To do =>
Print the lines below exactly, beginning with the one that contains "#1947=VERTEX_POINT('',#1946);" and stopping after the last line.

Data to use =>
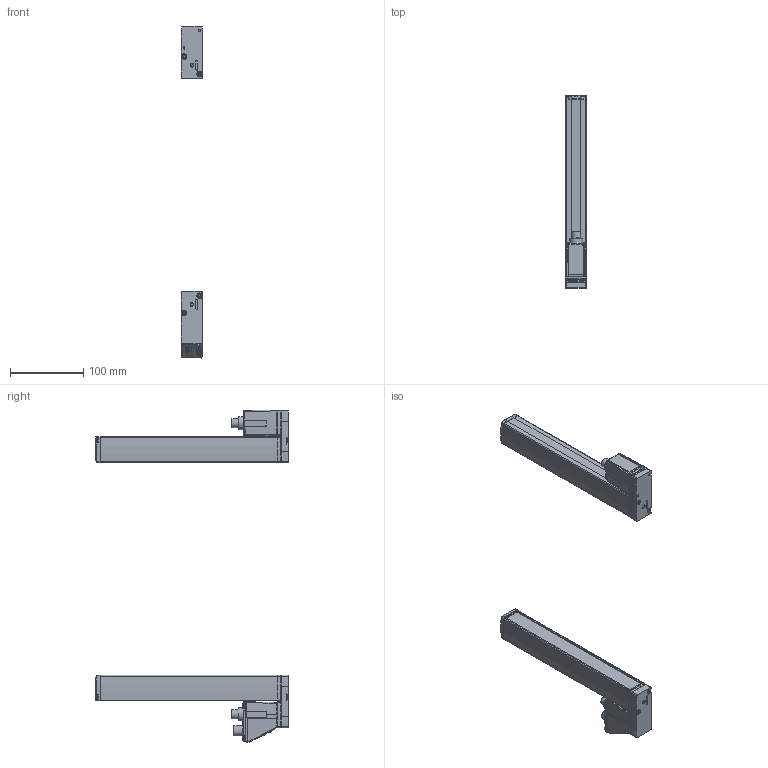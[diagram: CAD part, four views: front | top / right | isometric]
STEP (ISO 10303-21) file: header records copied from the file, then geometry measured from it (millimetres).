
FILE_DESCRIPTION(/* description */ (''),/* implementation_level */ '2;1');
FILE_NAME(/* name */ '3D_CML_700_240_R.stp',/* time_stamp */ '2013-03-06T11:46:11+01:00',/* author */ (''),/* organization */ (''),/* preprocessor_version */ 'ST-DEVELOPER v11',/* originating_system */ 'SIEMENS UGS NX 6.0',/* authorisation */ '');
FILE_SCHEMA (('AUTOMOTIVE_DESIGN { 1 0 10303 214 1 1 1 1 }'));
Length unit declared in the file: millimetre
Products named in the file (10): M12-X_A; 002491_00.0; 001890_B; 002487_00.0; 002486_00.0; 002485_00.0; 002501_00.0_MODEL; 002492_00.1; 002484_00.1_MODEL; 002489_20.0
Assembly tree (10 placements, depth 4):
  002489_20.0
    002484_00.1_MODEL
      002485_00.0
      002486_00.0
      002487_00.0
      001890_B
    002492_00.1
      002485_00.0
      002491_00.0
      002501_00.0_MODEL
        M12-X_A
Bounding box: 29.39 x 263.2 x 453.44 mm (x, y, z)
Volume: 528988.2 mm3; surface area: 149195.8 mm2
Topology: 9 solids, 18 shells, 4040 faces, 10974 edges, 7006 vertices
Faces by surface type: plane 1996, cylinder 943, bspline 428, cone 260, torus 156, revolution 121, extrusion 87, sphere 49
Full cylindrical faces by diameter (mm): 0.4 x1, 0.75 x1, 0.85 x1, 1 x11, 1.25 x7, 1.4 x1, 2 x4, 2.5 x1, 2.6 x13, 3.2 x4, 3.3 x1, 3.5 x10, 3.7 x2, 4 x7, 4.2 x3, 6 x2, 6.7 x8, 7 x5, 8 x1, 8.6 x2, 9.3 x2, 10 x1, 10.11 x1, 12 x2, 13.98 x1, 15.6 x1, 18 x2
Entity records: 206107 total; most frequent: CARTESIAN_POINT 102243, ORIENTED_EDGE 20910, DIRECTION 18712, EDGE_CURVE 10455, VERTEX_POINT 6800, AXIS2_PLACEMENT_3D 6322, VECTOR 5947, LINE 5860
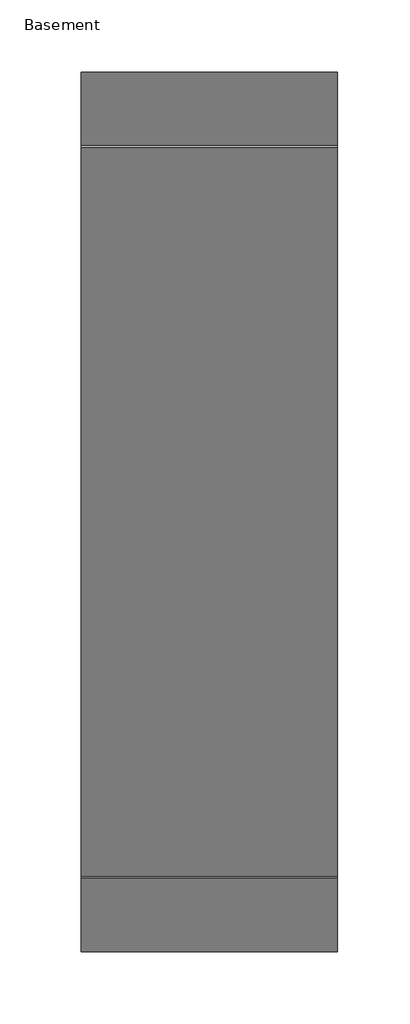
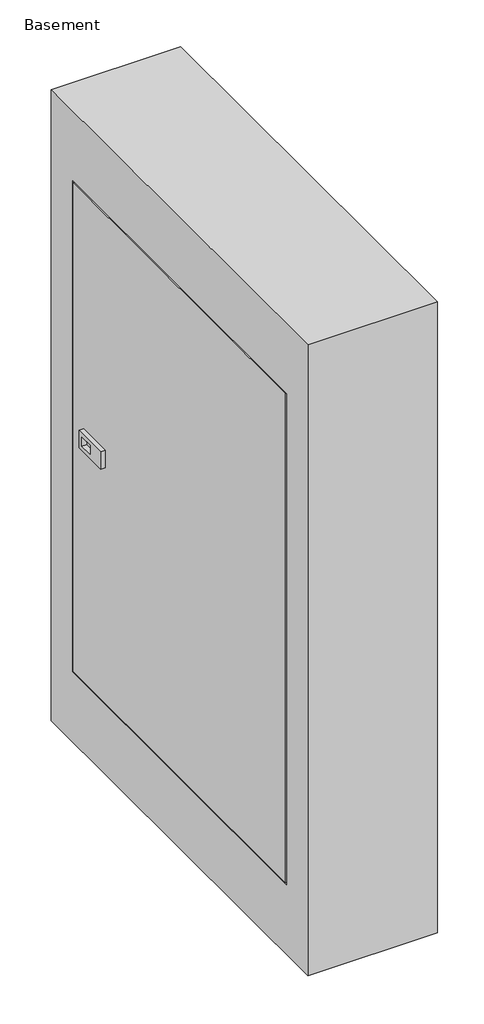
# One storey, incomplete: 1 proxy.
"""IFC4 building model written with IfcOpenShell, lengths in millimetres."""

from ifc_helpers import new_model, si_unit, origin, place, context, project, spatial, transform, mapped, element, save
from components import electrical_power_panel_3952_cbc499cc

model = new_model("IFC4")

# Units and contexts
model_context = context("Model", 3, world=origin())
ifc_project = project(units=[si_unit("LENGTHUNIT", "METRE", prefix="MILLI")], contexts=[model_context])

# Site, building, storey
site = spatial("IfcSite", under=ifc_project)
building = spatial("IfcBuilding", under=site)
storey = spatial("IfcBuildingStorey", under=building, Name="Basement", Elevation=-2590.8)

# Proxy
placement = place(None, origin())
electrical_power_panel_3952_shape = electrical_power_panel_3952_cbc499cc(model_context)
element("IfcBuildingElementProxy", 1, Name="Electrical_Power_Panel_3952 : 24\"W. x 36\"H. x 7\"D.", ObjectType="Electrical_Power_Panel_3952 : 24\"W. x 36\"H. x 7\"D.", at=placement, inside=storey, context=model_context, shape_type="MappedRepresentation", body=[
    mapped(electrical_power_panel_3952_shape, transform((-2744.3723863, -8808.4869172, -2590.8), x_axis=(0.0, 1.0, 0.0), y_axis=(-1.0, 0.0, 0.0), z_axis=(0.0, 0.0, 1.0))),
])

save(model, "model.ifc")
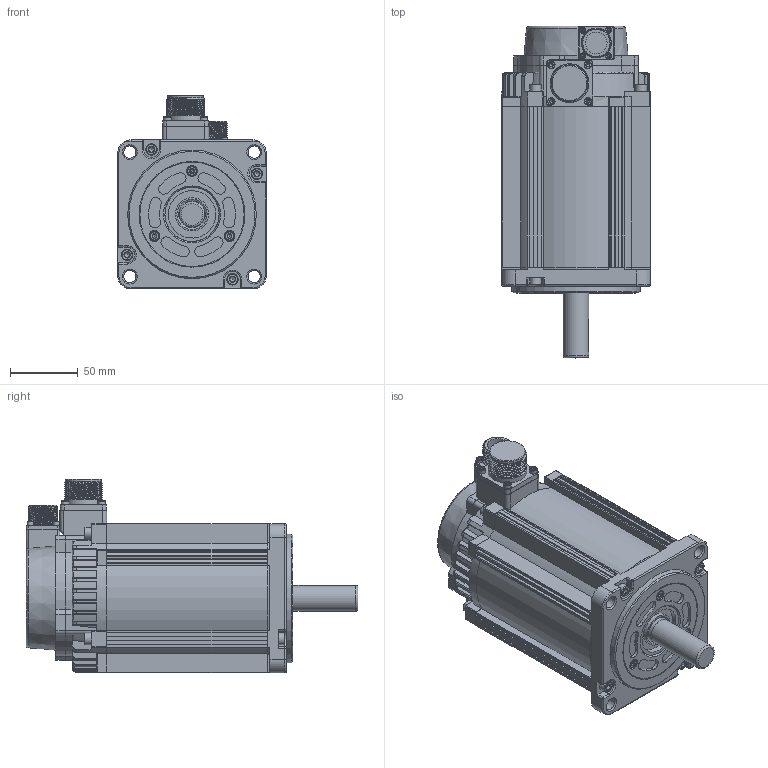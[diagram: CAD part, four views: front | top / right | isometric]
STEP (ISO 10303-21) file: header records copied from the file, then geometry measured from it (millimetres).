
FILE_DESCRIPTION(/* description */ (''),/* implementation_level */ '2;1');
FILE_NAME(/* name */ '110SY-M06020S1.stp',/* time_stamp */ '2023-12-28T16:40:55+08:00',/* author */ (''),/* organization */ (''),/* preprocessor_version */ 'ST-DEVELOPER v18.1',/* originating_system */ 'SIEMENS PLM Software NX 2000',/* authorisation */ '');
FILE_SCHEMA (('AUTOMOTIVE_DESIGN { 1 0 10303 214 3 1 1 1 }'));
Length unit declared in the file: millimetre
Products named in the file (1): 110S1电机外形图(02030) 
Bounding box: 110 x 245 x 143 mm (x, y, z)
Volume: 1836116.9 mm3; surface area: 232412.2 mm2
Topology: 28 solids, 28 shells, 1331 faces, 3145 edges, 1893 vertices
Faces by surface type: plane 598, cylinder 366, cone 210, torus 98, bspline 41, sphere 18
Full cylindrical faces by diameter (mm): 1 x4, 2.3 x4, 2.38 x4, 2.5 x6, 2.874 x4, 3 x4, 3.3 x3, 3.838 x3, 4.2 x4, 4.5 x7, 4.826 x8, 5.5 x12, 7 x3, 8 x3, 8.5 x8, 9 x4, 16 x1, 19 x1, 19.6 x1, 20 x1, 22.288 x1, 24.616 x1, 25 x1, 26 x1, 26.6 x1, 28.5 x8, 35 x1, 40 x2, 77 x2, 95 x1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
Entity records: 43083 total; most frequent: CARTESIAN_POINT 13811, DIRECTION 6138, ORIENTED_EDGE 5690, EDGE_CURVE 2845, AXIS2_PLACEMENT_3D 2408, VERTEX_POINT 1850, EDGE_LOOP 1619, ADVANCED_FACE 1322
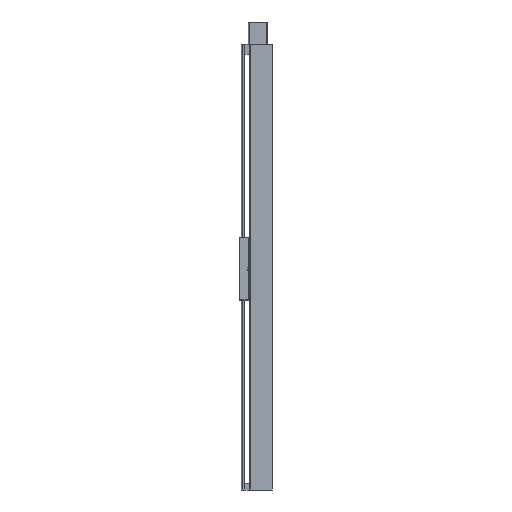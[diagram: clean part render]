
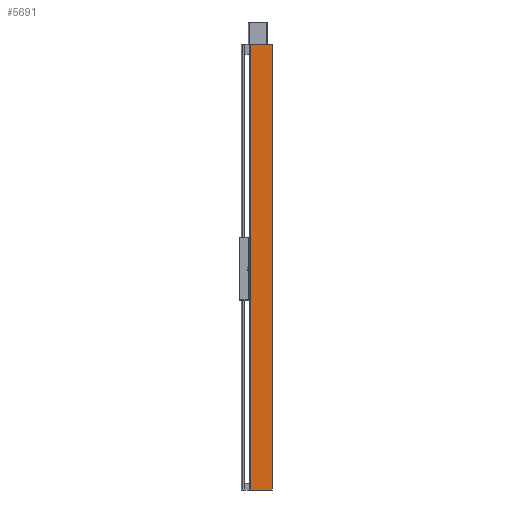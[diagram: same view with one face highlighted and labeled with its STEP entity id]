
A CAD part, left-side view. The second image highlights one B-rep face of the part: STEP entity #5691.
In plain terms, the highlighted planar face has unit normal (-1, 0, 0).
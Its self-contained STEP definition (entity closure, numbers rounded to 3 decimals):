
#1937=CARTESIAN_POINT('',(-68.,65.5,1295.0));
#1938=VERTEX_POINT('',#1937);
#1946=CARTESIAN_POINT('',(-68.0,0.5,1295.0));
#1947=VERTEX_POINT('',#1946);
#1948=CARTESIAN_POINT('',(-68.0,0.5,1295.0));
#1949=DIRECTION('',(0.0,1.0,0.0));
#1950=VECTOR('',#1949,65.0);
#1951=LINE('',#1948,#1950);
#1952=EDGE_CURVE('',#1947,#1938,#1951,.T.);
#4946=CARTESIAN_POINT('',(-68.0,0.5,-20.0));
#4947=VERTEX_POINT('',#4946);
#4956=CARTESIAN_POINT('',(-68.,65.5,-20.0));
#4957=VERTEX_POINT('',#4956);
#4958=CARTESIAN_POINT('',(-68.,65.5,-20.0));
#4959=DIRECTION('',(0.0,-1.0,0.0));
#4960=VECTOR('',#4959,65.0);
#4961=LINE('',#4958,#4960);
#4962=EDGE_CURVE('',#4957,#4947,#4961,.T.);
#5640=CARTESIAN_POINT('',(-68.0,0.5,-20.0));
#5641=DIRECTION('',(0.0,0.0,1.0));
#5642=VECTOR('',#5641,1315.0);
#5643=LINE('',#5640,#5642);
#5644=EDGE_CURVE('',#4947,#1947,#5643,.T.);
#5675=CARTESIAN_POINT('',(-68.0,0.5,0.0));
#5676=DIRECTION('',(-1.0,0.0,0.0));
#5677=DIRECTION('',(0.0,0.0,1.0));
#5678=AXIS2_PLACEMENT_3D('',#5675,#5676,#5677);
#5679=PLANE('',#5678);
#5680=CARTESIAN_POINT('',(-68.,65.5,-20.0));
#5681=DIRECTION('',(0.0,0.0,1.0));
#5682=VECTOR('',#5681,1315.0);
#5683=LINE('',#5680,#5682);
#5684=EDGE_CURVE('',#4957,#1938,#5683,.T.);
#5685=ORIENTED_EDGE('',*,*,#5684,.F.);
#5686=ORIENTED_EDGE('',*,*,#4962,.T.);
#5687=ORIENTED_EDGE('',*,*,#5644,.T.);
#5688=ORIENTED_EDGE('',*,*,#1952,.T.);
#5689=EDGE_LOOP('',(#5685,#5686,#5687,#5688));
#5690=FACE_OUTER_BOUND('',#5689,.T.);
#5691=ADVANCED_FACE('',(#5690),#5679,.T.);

Solution below =>
#1947=VERTEX_POINT('',#1946);
#1948=CARTESIAN_POINT('',(-68.0,0.5,1295.0));
#1949=DIRECTION('',(0.0,1.0,0.0));
#1950=VECTOR('',#1949,65.0);
#1951=LINE('',#1948,#1950);
#1952=EDGE_CURVE('',#1947,#1938,#1951,.T.);
#4946=CARTESIAN_POINT('',(-68.0,0.5,-20.0));
#4947=VERTEX_POINT('',#4946);
#4956=CARTESIAN_POINT('',(-68.,65.5,-20.0));
#4957=VERTEX_POINT('',#4956);
#4958=CARTESIAN_POINT('',(-68.,65.5,-20.0));
#4959=DIRECTION('',(0.0,-1.0,0.0));
#4960=VECTOR('',#4959,65.0);
#4961=LINE('',#4958,#4960);
#4962=EDGE_CURVE('',#4957,#4947,#4961,.T.);
#5640=CARTESIAN_POINT('',(-68.0,0.5,-20.0));
#5641=DIRECTION('',(0.0,0.0,1.0));
#5642=VECTOR('',#5641,1315.0);
#5643=LINE('',#5640,#5642);
#5644=EDGE_CURVE('',#4947,#1947,#5643,.T.);
#5675=CARTESIAN_POINT('',(-68.0,0.5,0.0));
#5676=DIRECTION('',(-1.0,0.0,0.0));
#5677=DIRECTION('',(0.0,0.0,1.0));
#5678=AXIS2_PLACEMENT_3D('',#5675,#5676,#5677);
#5679=PLANE('',#5678);
#5680=CARTESIAN_POINT('',(-68.,65.5,-20.0));
#5681=DIRECTION('',(0.0,0.0,1.0));
#5682=VECTOR('',#5681,1315.0);
#5683=LINE('',#5680,#5682);
#5684=EDGE_CURVE('',#4957,#1938,#5683,.T.);
#5685=ORIENTED_EDGE('',*,*,#5684,.F.);
#5686=ORIENTED_EDGE('',*,*,#4962,.T.);
#5687=ORIENTED_EDGE('',*,*,#5644,.T.);
#5688=ORIENTED_EDGE('',*,*,#1952,.T.);
#5689=EDGE_LOOP('',(#5685,#5686,#5687,#5688));
#5690=FACE_OUTER_BOUND('',#5689,.T.);
#5691=ADVANCED_FACE('',(#5690),#5679,.T.);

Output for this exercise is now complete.